# YOUR ASSIGNMENT
Please copy each line below that contains the word "built".

# RECORD SET
--- START ---
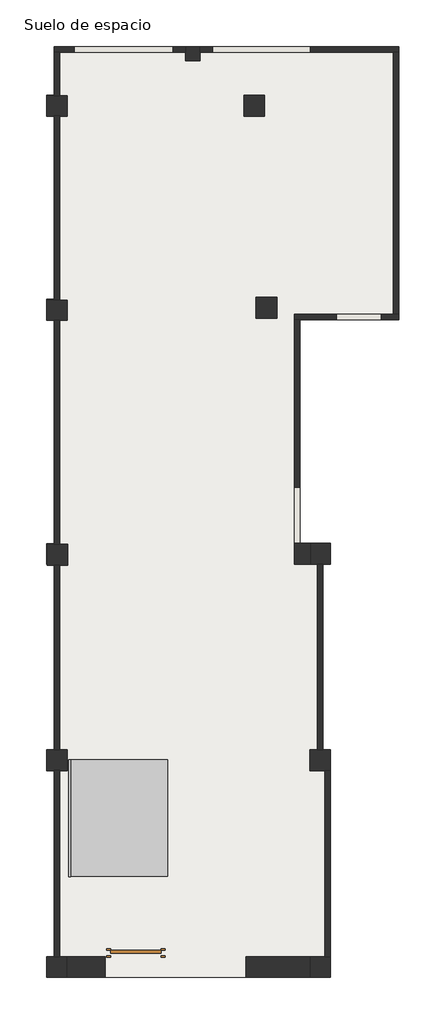
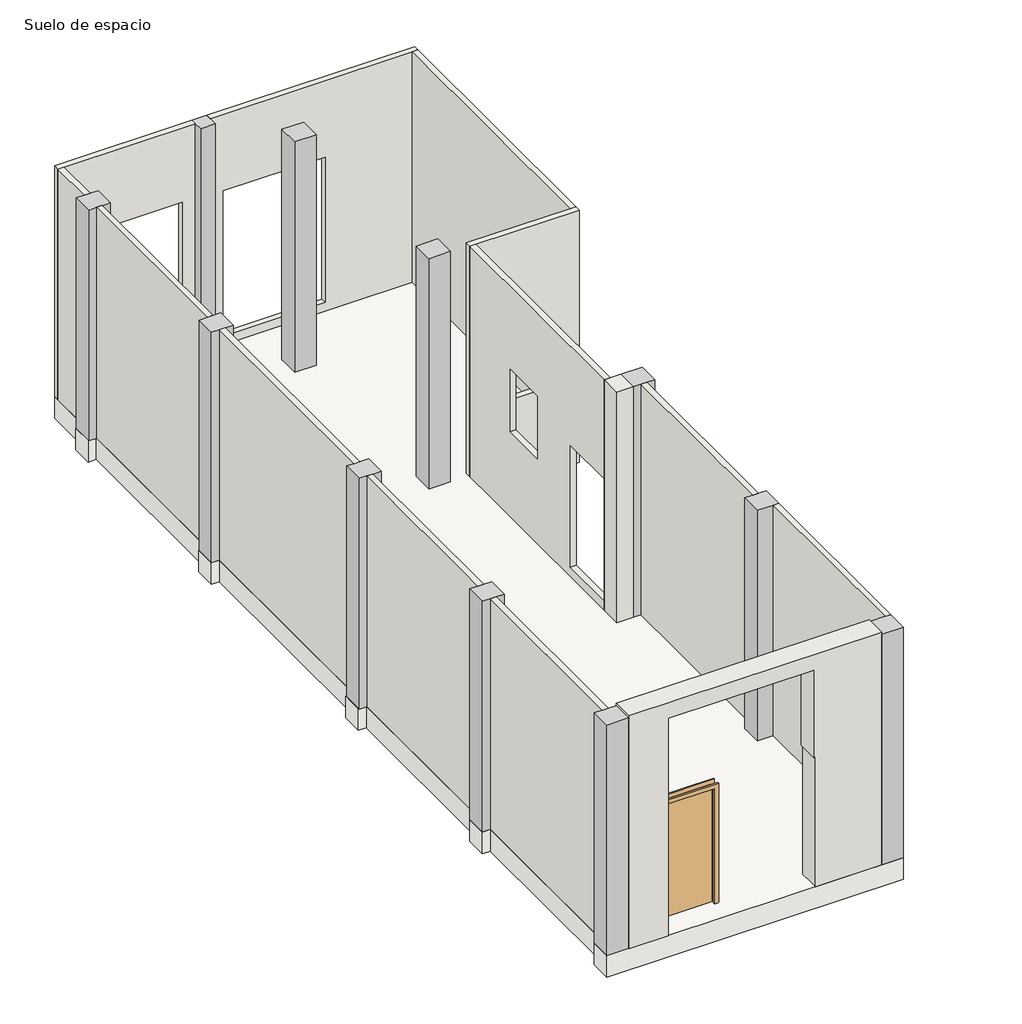
# One storey: 14 walls, 11 columns, 1 door, 1 railing, 1 ramp, 1 slab.
# Revit data of these elements (continued)
# Element 14 (IfcRamp, "Ramp 1") (continued)
#   Width = 179.0 cm
#   built-in parameter 1007276 = 1
#   built-in parameter 1007274 = 1
#   built-in parameter 1007273 = 1
#   built-in parameter 1007271 = 1
#   Phase Created = New Construction
# Element 15 (IfcSlab, "Generic Floor - 400mm")
#   Height Offset From Level = 0.0 cm
#   Phase Created = New Construction
#   Materials on its faces: "Default Roof"
# Elements 16, 17, 18, 19, 20, 21, 22, 23, 24, 25, 26, 27 (IfcWall, "Generic - 100mm Masonry")
#   Top Offset = 0.0 cm
#   Base Offset = 0.0 cm
#   wall height = 426.0 cm
#   Phase Created = Existing
#   Base Constraint = Suelo de espacio
#   Top Constraint = Techo de espacio
#   Materials on its faces: "Concrete, Cast-in-Place gray"
# Element 28 (IfcWall, "Generic - 380mm Masonry")
#   Top Offset = 0.0 cm
#   Base Offset = 0.0 cm
#   wall height = 426.0 cm
#   Phase Created = Existing
#   Base Constraint = Suelo de espacio
#   Top Constraint = Techo de espacio
#   Materials on its faces: "Concrete, Cast-in-Place gray"
# Element 29 (IfcWall, "Generic - 380mm Masonry")
#   Top Offset = 0.0 cm
#   Base Offset = 0.0 cm
#   Unconnected Height = 430.0 cm
#   wall height = 430.0 cm
#   Phase Created = Existing
#   Base Constraint = Suelo de espacio
#   Materials on its faces: "Concrete, Cast-in-Place gray"
# Materials
#   "Door - Panel": class "Wood", colour RGB 114 82 51, transparency 0
#   "Door - Frame": class "Miscellaneous", colour RGB 153 76 43, transparency 0
#   "Concrete, Cast-in-Place gray": class "Concrete", colour RGB 115 116 108, transparency 0, Description = "Cast-in-place concrete", Cost = 0
#   "Default Roof": class "Miscellaneous", colour RGB 80 80 80, transparency 0
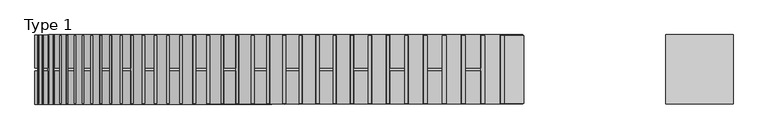
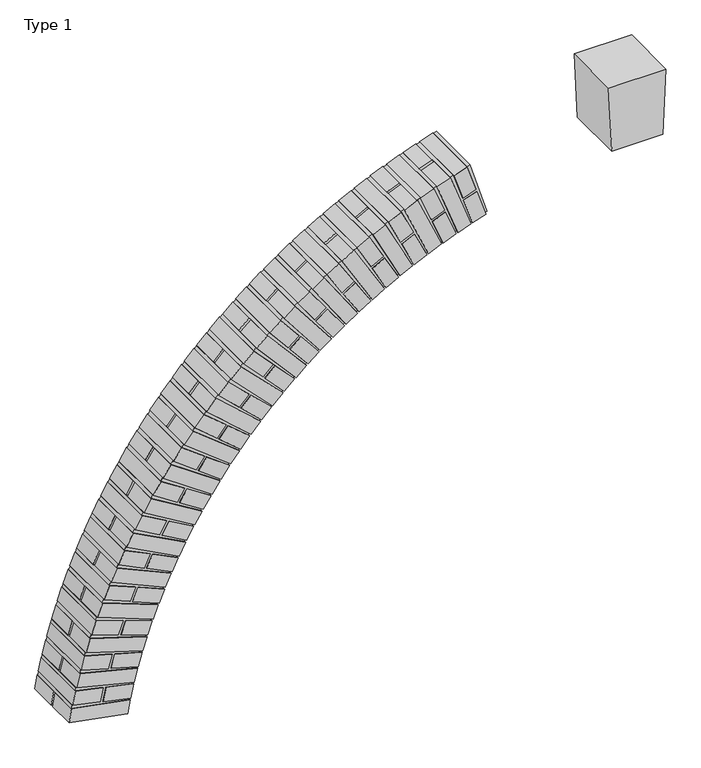
"""IFC4 building model written with IfcOpenShell, lengths in millimetres: proxy geometry, 00_GM_toog : Type 1."""

from ifc_helpers import new_model, si_unit, frame, origin, place, context, project, spatial, polyline, outline, extrude, source, transform, mapped, element, save


def type_1_a7bc3141(model_context):
    return source(origin(), model_context, "Body", "SweptSolid", [
        extrude(outline(polyline([(-139.1332824, -660.1921832), (-331.426292, -589.1357943), (-329.3635509, -583.5535983), (-240.0143287, -613.5107034), (-224.119862, -566.1043122), (-313.3029535, -536.2029076), (-311.2302503, -530.593752), (-115.9023342, -589.5306663), (-119.7774114, -601.0883632), (-214.5901938, -569.2994297), (-230.4846606, -616.7058209), (-135.6718782, -648.4947544), (-139.1332824, -660.1921832)])), frame((0.0, 2.5, 0.0), z_axis=(0.0, 1.0, 0.0), x_axis=(0.0, 0.0, 1.0)), (0.0, 0.0, 1.0), 205.0),
        extrude(outline(polyline([(0.0, -50.0), (0.0, 0.0), (210.0, 0.0), (210.0, -50.0), (0.0, -50.0)])), frame((-569.2994297, 210.0, -214.5901938), z_axis=(-0.3178893349961213, 0.0, 0.9481278240278174), x_axis=(0.0, -1.0, 0.0)), (0.0, 0.0, 1.0), 100.0),
        extrude(outline(polyline([(0.0, -50.0), (0.0, 0.0), (210.0, 0.0), (210.0, -50.0), (0.0, -50.0)])), frame((-534.3153787, 210.0, -318.9326444), z_axis=(-0.3178893349961213, 0.0, 0.9481278240278174), x_axis=(0.0, -1.0, 0.0)), (0.0, 0.0, 1.0), 100.0),
        extrude(outline(polyline([(210.0, -50.0), (110.0, -50.0), (110.0, 0.0), (210.0, 0.0), (210.0, -50.0)])), frame((-634.3036342, 0.0, -353.4456316), z_axis=(-0.3466140077500296, 0.0, 0.9380078515830571), x_axis=(0.0, 1.0, 0.0)), (0.0, 0.0, 1.0), 210.0),
        extrude(outline(polyline([(100.0, -50.0), (0.0, -50.0), (0.0, 0.0), (100.0, 0.0), (100.0, -50.0)])), frame((-634.3036342, 0.0, -353.4456316), z_axis=(-0.3466140077500296, 0.0, 0.9380078515830571), x_axis=(0.0, 1.0, 0.0)), (0.0, 0.0, 1.0), 210.0),
        extrude(outline(polyline([(-182.9035816, -776.5095671), (-370.5143948, -693.8790961), (-368.1156623, -688.4328225), (-280.7557912, -723.7735153), (-262.0049317, -677.4226224), (-349.2023711, -642.14764), (-346.7920539, -636.6750634), (-155.414188, -707.3932871), (-159.9856549, -718.6936531), (-252.6874407, -681.1919342), (-271.4383001, -727.5428271), (-178.7365144, -765.0445459), (-182.9035816, -776.5095671)])), frame((0.0, 2.5, 0.0), z_axis=(0.0, 1.0, 0.0), x_axis=(0.0, 0.0, 1.0)), (0.0, 0.0, 1.0), 205.0),
        extrude(outline(polyline([(0.0, -50.0), (0.0, 0.0), (210.0, 0.0), (210.0, -50.0), (0.0, -50.0)])), frame((-681.1919342, 210.0, -252.6874407), z_axis=(-0.37501718884823365, 0.0, 0.9270178574700534), x_axis=(0.0, -1.0, 0.0)), (0.0, 0.0, 1.0), 100.0),
        extrude(outline(polyline([(0.0, -50.0), (0.0, 0.0), (210.0, 0.0), (210.0, -50.0), (0.0, -50.0)])), frame((-639.9209035, 210.0, -354.7067175), z_axis=(-0.37501718884823365, 0.0, 0.9270178574700534), x_axis=(0.0, -1.0, 0.0)), (0.0, 0.0, 1.0), 100.0),
        extrude(outline(polyline([(210.0, -50.0), (110.0, -50.0), (110.0, 0.0), (210.0, 0.0), (210.0, -50.0)])), frame((-737.6227368, 0.0, -395.2424957), z_axis=(-0.40307253375327073, 0.0, 0.9151680351354708), x_axis=(0.0, 1.0, 0.0)), (0.0, 0.0, 1.0), 210.0),
        extrude(outline(polyline([(100.0, -50.0), (0.0, -50.0), (0.0, 0.0), (100.0, 0.0), (100.0, -50.0)])), frame((-737.6227368, 0.0, -395.2424957), z_axis=(-0.40307253375327073, 0.0, 0.9151680351354708), x_axis=(0.0, 1.0, 0.0)), (0.0, 0.0, 1.0), 210.0),
        extrude(outline(polyline([(-233.6735411, -889.9467043), (-415.9062676, -796.048646), (-413.1804412, -790.7584963), (-328.1339583, -831.3516903), (-306.5962573, -786.2282216), (-391.4846098, -745.7105041), (-388.7456188, -740.3948054), (-202.0276663, -822.6320289), (-207.2785664, -833.6331483), (-297.5255039, -790.5577463), (-319.0632049, -835.6812151), (-228.8162674, -878.7566171), (-233.6735411, -889.9467043)])), frame((0.0, 2.5, 0.0), z_axis=(0.0, 1.0, 0.0), x_axis=(0.0, 0.0, 1.0)), (0.0, 0.0, 1.0), 205.0),
        extrude(outline(polyline([(0.0, -50.0), (0.0, 0.0), (210.0, 0.0), (210.0, -50.0), (0.0, -50.0)])), frame((-790.5577463, 210.0, -297.5255039), z_axis=(-0.43075402055290246, 0.0, 0.9024693755344331), x_axis=(0.0, -1.0, 0.0)), (0.0, 0.0, 1.0), 100.0),
        extrude(outline(polyline([(0.0, -50.0), (0.0, 0.0), (210.0, 0.0), (210.0, -50.0), (0.0, -50.0)])), frame((-743.1528195, 210.0, -396.8431948), z_axis=(-0.43075402055290246, 0.0, 0.9024693755344331), x_axis=(0.0, -1.0, 0.0)), (0.0, 0.0, 1.0), 100.0),
        extrude(outline(polyline([(210.0, -50.0), (110.0, -50.0), (110.0, 0.0), (210.0, 0.0), (210.0, -50.0)])), frame((-838.2058326, 0.0, -443.2514078), z_axis=(-0.458035974096042, 0.0, 0.8889336569361574), x_axis=(0.0, 1.0, 0.0)), (0.0, 0.0, 1.0), 210.0),
        extrude(outline(polyline([(100.0, -50.0), (0.0, -50.0), (0.0, 0.0), (100.0, 0.0), (100.0, -50.0)])), frame((-838.2058326, 0.0, -443.2514078), z_axis=(-0.458035974096042, 0.0, 0.8889336569361574), x_axis=(0.0, 1.0, 0.0)), (0.0, 0.0, 1.0), 210.0),
        extrude(outline(polyline([(-291.2548438, -1000.0828313), (-467.4335419, -895.2654744), (-464.3907322, -890.151071), (-381.9730939, -935.8461971), (-357.7284394, -892.1175254), (-439.9928353, -846.5073621), (-436.9353302, -841.3682584), (-255.5698695, -934.8194455), (-261.4807258, -945.4805129), (-348.9380692, -896.9912039), (-373.1827237, -940.7198756), (-285.7253803, -989.2091846), (-291.2548438, -1000.0828313)])), frame((0.0, 2.5, 0.0), z_axis=(0.0, 1.0, 0.0), x_axis=(0.0, 0.0, 1.0)), (0.0, 0.0, 1.0), 205.0),
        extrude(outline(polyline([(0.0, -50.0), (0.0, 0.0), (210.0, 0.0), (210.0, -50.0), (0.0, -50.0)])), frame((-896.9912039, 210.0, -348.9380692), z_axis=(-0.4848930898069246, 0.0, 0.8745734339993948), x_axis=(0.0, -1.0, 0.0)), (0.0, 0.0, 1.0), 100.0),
--- END ---
# OUTPUT OF THE TASK
#   built-in parameter 1007276 = 1
#   built-in parameter 1007274 = 1
#   built-in parameter 1007273 = 1
#   built-in parameter 1007271 = 1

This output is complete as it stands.